We also saw with this drug candidate that in PDX models of high-grade B cell lymphomas, LP-284 showed synergistic and significantly enhanced anticancer activity when used in combination with rituximab. In in-vivo PDX models, the synergy of rituximab with our drug LP-284 was 63% more effective in destroying high-grade B cell lymphomas than rituximab alone. When we put 284 on rituximab, we had 93% tumor growth inhibition where rituximab alone only had 57%. So as many of you probably know, rituximab is a standard of care approved therapy in a wide range of B cell cancers and non-Hodgkin’s lymphomas. We plan on releasing additional details on this data and on the set of results in the coming month. Nearly all mantle-cell DHL and high-grade cell lymphoma patients relapsed from the current standard of care agent, and we believe there is an urgent and unmet need to introduce this drug either as monotherapy or in combination in the relapsed and refractory setting for this patient group.

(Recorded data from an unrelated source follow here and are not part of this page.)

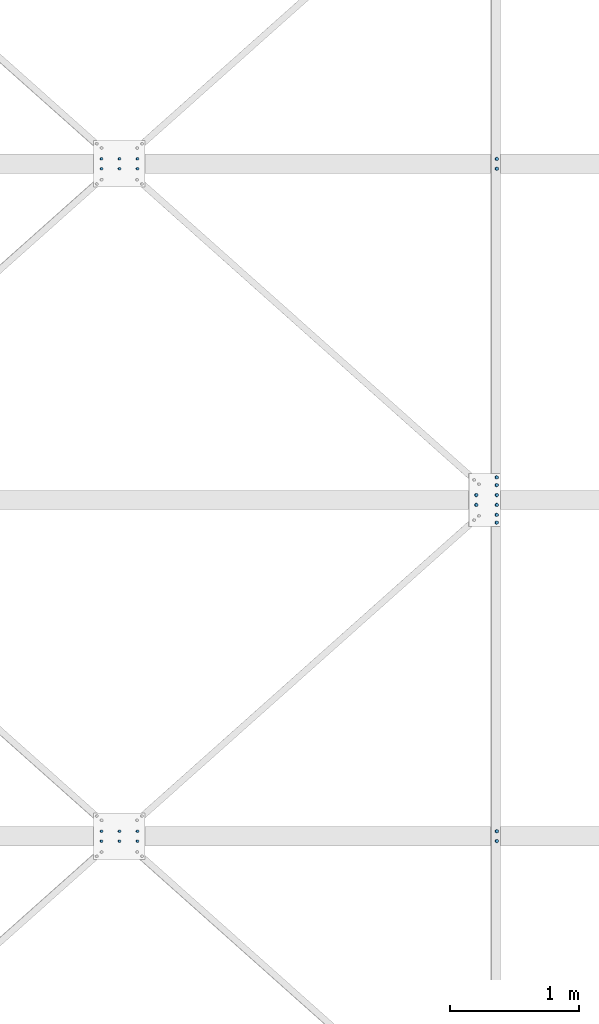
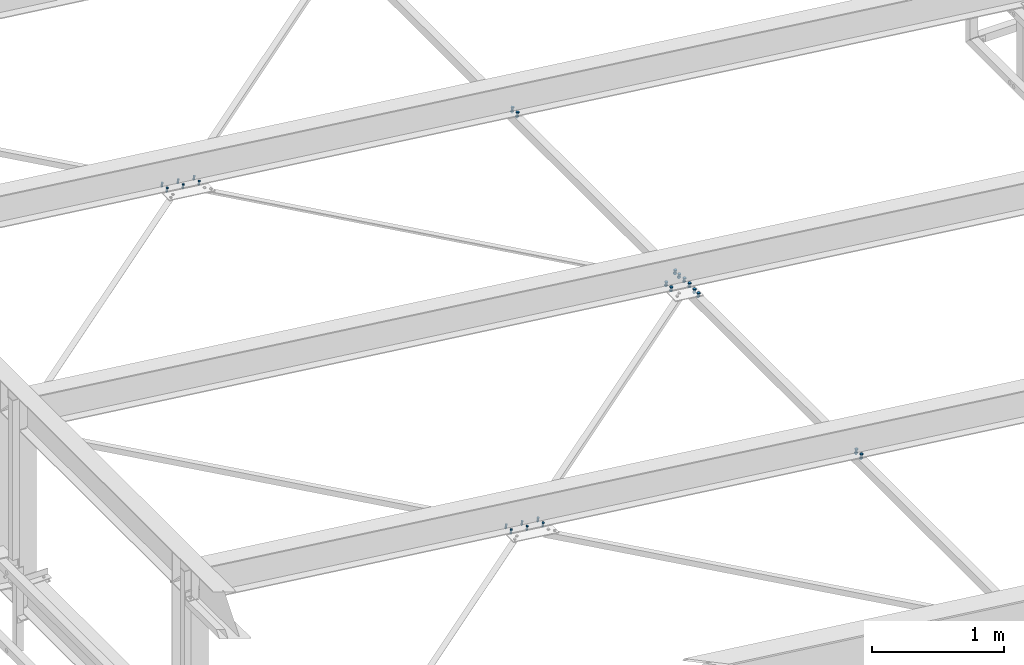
# One storey, part 154 of 3134: 7 mechanical fasteners, 6 elements without a shape of their own.
"""IFC2X3 building model written with IfcOpenShell, lengths in millimetres."""

import ifcopenshell
import ifcopenshell.guid

model = None  # the IFC model being written
_history = None  # IfcOwnerHistory: only IFC2X3 demands one
_inside = {}  # id of a spatial element -> (the spatial element, [elements in it])
_under = {}  # id of a project, library or spatial element -> (it, [spatial elements below it])
_declared = {}  # id of a project -> (the project, [libraries it declares])
_typed = {}  # id of a type object -> (the type object, [elements of that type])
_made_of = {}  # id of a material, layer set ... -> (it, [elements and type objects made of it])


def new_model(schema):
    """Start an empty IFC model of exactly this schema.

    Asked for "IFC4X3", IfcOpenShell would pick the latest addendum, in which some entities
    have other attributes; the version numbers below select the first issue.
    IFC2X3 requires an IfcOwnerHistory on every rooted entity: one is made here for all.
    """
    global model, _history
    if schema == "IFC4X3":
        model = ifcopenshell.file(schema_version=(4, 3, 0, 0))
    else:
        model = ifcopenshell.file(schema=schema)
    _inside.clear()
    _under.clear()
    _declared.clear()
    _typed.clear()
    _made_of.clear()
    _history = None
    if model.schema == "IFC2X3":
        org = make("IfcOrganization", Name="unknown")
        user = make(
            "IfcPersonAndOrganization",
            ThePerson=make("IfcPerson", FamilyName="unknown"),
            TheOrganization=org,
        )
        app = make(
            "IfcApplication",
            ApplicationDeveloper=org,
            Version="unknown",
            ApplicationFullName="unknown",
            ApplicationIdentifier="unknown",
        )
        _history = make(
            "IfcOwnerHistory",
            OwningUser=user,
            OwningApplication=app,
            ChangeAction="ADDED",
            CreationDate=0,
        )
    return model


def make(cls, **values):
    """One entity of the class cls with the attributes given. An attribute that is None is left unset."""
    return model.create_entity(
        cls, **{name: value for name, value in values.items() if value is not None}
    )


def rooted(cls, **values):
    """An entity with a GlobalId (a new one), such as an element, a storey or a relation."""
    return make(cls, GlobalId=ifcopenshell.guid.new(), OwnerHistory=_history, **values)


def si_unit(unit_type, name, prefix=None):
    """IfcSIUnit, for example si_unit("LENGTHUNIT", "METRE", prefix="MILLI")."""
    return make("IfcSIUnit", UnitType=unit_type, Prefix=prefix, Name=name)


def assignment(units):
    """IfcUnitAssignment: the units of a project."""
    return None if units is None else make("IfcUnitAssignment", Units=units)


def point(xyz):
    """IfcCartesianPoint."""
    return None if xyz is None else make("IfcCartesianPoint", Coordinates=xyz)


def direction(xyz):
    """IfcDirection."""
    return None if xyz is None else make("IfcDirection", DirectionRatios=xyz)


def frame(location, z_axis=None, x_axis=None):
    """IfcAxis2Placement3D, a coordinate frame: its origin and axes. An axis left out is left unset."""
    return make(
        "IfcAxis2Placement3D",
        Location=point(location),
        Axis=direction(z_axis),
        RefDirection=direction(x_axis),
    )


def origin_with_axes():
    """The frame at (0, 0, 0) with the z axis (0, 0, 1) and the x axis (1, 0, 0) written out."""
    return frame((0.0, 0.0, 0.0), z_axis=(0.0, 0.0, 1.0), x_axis=(1.0, 0.0, 0.0))


def place(relative_to, where):
    """IfcLocalPlacement: puts the frame where relative to a parent placement (None: the world)."""
    return make(
        "IfcLocalPlacement", PlacementRelTo=relative_to, RelativePlacement=where
    )


def context(
    kind, dimensions, precision=None, world=None, true_north=None, identifier=None
):
    """IfcGeometricRepresentationContext, for example the 3D "Model" context."""
    return make(
        "IfcGeometricRepresentationContext",
        ContextIdentifier=identifier,
        ContextType=kind,
        CoordinateSpaceDimension=dimensions,
        Precision=precision,
        WorldCoordinateSystem=world,
        TrueNorth=true_north,
    )


def subcontext(parent, identifier, kind, view, scale=None):
    """IfcGeometricRepresentationSubContext, for example "Body" below "Model"."""
    return make(
        "IfcGeometricRepresentationSubContext",
        ContextIdentifier=identifier,
        ContextType=kind,
        ParentContext=parent,
        TargetScale=scale,
        TargetView=view,
    )


def project(units=None, contexts=None):
    """IfcProject with its units and contexts."""
    return rooted(
        "IfcProject",
        Name="project",
        RepresentationContexts=contexts,
        UnitsInContext=assignment(units),
    )


def spatial(cls, under=None, at=None, **own):
    """A site, building, storey or space (cls), placed at a placement, below another one or the project."""
    s = rooted(cls, ObjectPlacement=at, **own)
    if under is not None:
        _under.setdefault(under.id(), (under, []))[1].append(s)
    return s


def faces_of(points, faces, orient=None, outer=None):
    """IfcFace entities. A face is a list of loops; a loop is a list of indices into points, from 0.

    orient and outer hold one flag for each loop. By default every Orientation is true, the
    first loop of a face is its IfcFaceOuterBound and the others are IfcFaceBound.
    """
    made = []
    for i, loops in enumerate(faces):
        bounds = []
        for j, loop in enumerate(loops):
            is_outer = j == 0 if outer is None else outer[i][j]
            bounds.append(
                make(
                    "IfcFaceOuterBound" if is_outer else "IfcFaceBound",
                    Bound=make("IfcPolyLoop", Polygon=[points[k] for k in loop]),
                    Orientation=True if orient is None else orient[i][j],
                )
            )
        made.append(make("IfcFace", Bounds=bounds))
    return made


def faceted_brep(points, faces, orient=None, outer=None, voids=None):
    """IfcFacetedBrep: a solid bounded by flat faces; with voids (closed shells), ...WithVoids."""
    shared = [point(p) for p in points]
    hull = make("IfcClosedShell", CfsFaces=faces_of(shared, faces, orient, outer))
    if voids is None:
        return make("IfcFacetedBrep", Outer=hull)
    return make(
        "IfcFacetedBrepWithVoids",
        Outer=hull,
        Voids=[
            make(cls, CfsFaces=faces_of(shared, fs, o, b)) for cls, fs, o, b in voids
        ],
    )


def shape(context_of_items, identifier, shape_type, items):
    """IfcShapeRepresentation: the items that make up one representation, for example the "Body"."""
    return make(
        "IfcShapeRepresentation",
        ContextOfItems=context_of_items,
        RepresentationIdentifier=identifier,
        RepresentationType=shape_type,
        Items=items,
    )


def source(mapping_origin, context_of_items, identifier, shape_type, items):
    """IfcRepresentationMap: a shape defined once, which mapped items show again and again."""
    return make(
        "IfcRepresentationMap",
        MappingOrigin=mapping_origin,
        MappedRepresentation=shape(context_of_items, identifier, shape_type, items),
    )


def transform(
    local_origin,
    x_axis=None,
    y_axis=None,
    z_axis=None,
    scale=None,
    scale2=None,
    scale3=None,
    uniform=True,
):
    """IfcCartesianTransformationOperator3D, or its non-uniform kind. x_axis, y_axis, z_axis: its Axis1, 2, 3."""
    if uniform:
        return make(
            "IfcCartesianTransformationOperator3D",
            Axis1=direction(x_axis),
            Axis2=direction(y_axis),
            LocalOrigin=point(local_origin),
            Scale=scale,
            Axis3=direction(z_axis),
        )
    return make(
        "IfcCartesianTransformationOperator3DnonUniform",
        Axis1=direction(x_axis),
        Axis2=direction(y_axis),
        LocalOrigin=point(local_origin),
        Scale=scale,
        Axis3=direction(z_axis),
        Scale2=scale2,
        Scale3=scale3,
    )


def mapped(mapping_source, mapping_target):
    """IfcMappedItem: shows the shape of a source again, moved by a transform."""
    return make(
        "IfcMappedItem", MappingSource=mapping_source, MappingTarget=mapping_target
    )


def material(Name=None, Category=None):
    """IfcMaterial."""
    return make("IfcMaterial", Name=Name, Category=Category)


def made_of(thing, what):
    """Note that an element or type object is made of a material, layer set ...; save() writes the relation."""
    if what is not None:
        _made_of.setdefault(what.id(), (what, []))[1].append(thing)
    return thing


def type_object(cls, material=None, **own):
    """A type object (cls), such as IfcWallType, which elements share."""
    return made_of(rooted(cls, **own), material)


def element(
    cls,
    number,
    at=None,
    inside=None,
    cuts=None,
    type_object=None,
    material=None,
    context=None,
    identifier="Body",
    shape_type=None,
    held_by="IfcProductDefinitionShape",
    body=None,
    shapes=None,
    **own,
):
    """One element of the class cls, such as IfcWall. Its Tag is "e" and its number.

    at: its placement. inside: the storey or other place that contains it. cuts: it is an
    opening in that element (IfcRelVoidsElement). A single representation is given by context,
    identifier, shape_type and body (its items); several are given by shapes. held_by: the class
    of the entity that holds the representations. save() writes the other relations.
    """
    e = rooted(cls, Tag="e%d" % number, ObjectPlacement=at, **own)
    if body is not None:
        shapes = [shape(context, identifier, shape_type, body)]
    if shapes is not None:
        e.Representation = make(held_by, Representations=shapes)
    if inside is not None:
        _inside.setdefault(inside.id(), (inside, []))[1].append(e)
    if cuts is not None:
        rooted(
            "IfcRelVoidsElement", RelatingBuildingElement=cuts, RelatedOpeningElement=e
        )
    if type_object is not None:
        _typed.setdefault(type_object.id(), (type_object, []))[1].append(e)
    return made_of(e, material)


def aggregate(whole, parts):
    """IfcRelAggregates: a whole, such as a stair, and the parts it consists of."""
    return rooted("IfcRelAggregates", RelatingObject=whole, RelatedObjects=parts)


def save(model, path):
    """Write the relations noted so far, then the file.

    IfcRelAggregates (storeys below a building ...), IfcRelContainedInSpatialStructure (elements
    in a storey), IfcRelDefinesByType, IfcRelAssociatesMaterial and IfcRelDeclares: one each for
    every whole, place, type object, material and project.
    """
    for whole, parts in _under.values():
        aggregate(whole, parts)
    for where, things in _inside.values():
        rooted(
            "IfcRelContainedInSpatialStructure",
            RelatedElements=things,
            RelatingStructure=where,
        )
    for kind, things in _typed.values():
        rooted("IfcRelDefinesByType", RelatedObjects=things, RelatingType=kind)
    for what, things in _made_of.values():
        rooted("IfcRelAssociatesMaterial", RelatedObjects=things, RelatingMaterial=what)
    for by, libraries in _declared.values():
        rooted("IfcRelDeclares", RelatingContext=by, RelatedDefinitions=libraries)
    model.write(path)


model = new_model("IFC2X3")

# Units and contexts
model_context = context("Model", 3, precision=1e-05, world=origin_with_axes())
body_context = subcontext(model_context, "Body", "Model", "MODEL_VIEW")
ifc_project = project(units=[si_unit("LENGTHUNIT", "METRE", prefix="MILLI"), si_unit("AREAUNIT", "SQUARE_METRE"), si_unit("VOLUMEUNIT", "CUBIC_METRE"), si_unit("MASSUNIT", "GRAM", prefix="KILO"), si_unit("TIMEUNIT", "SECOND"), si_unit("PLANEANGLEUNIT", "RADIAN"), si_unit("SOLIDANGLEUNIT", "STERADIAN"), si_unit("THERMODYNAMICTEMPERATUREUNIT", "DEGREE_CELSIUS"), si_unit("LUMINOUSINTENSITYUNIT", "LUMEN")], contexts=[model_context])

# Site, building, storey
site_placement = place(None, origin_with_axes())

Moving on to 184. We discussed that we dosed the first patient in the Phase IA clinical trial. It was the first in human Phase I basket trial across multiple solid tumor indications. We think the market potential for this drug is quite significant since 20% to 25% of solid tumors have DNA damage repair deficiency and the majority of them become refractory to existing standard of care therapies. This trial is anticipated to enroll patients that have relapsed refractory advanced solid tumors, such as pancreatic, GBM, triple-negative breast cancer, lung, multiple other solid tumors, including GBM and brain cancers. Lantern expects to continue Phase I enrollment throughout the remainder of this year with additional sites and patients and potentially finish the first few cohorts of patients and also have a number of major centers like Fox Chase and Johns Hopkins Medicine and USC also joined the trial.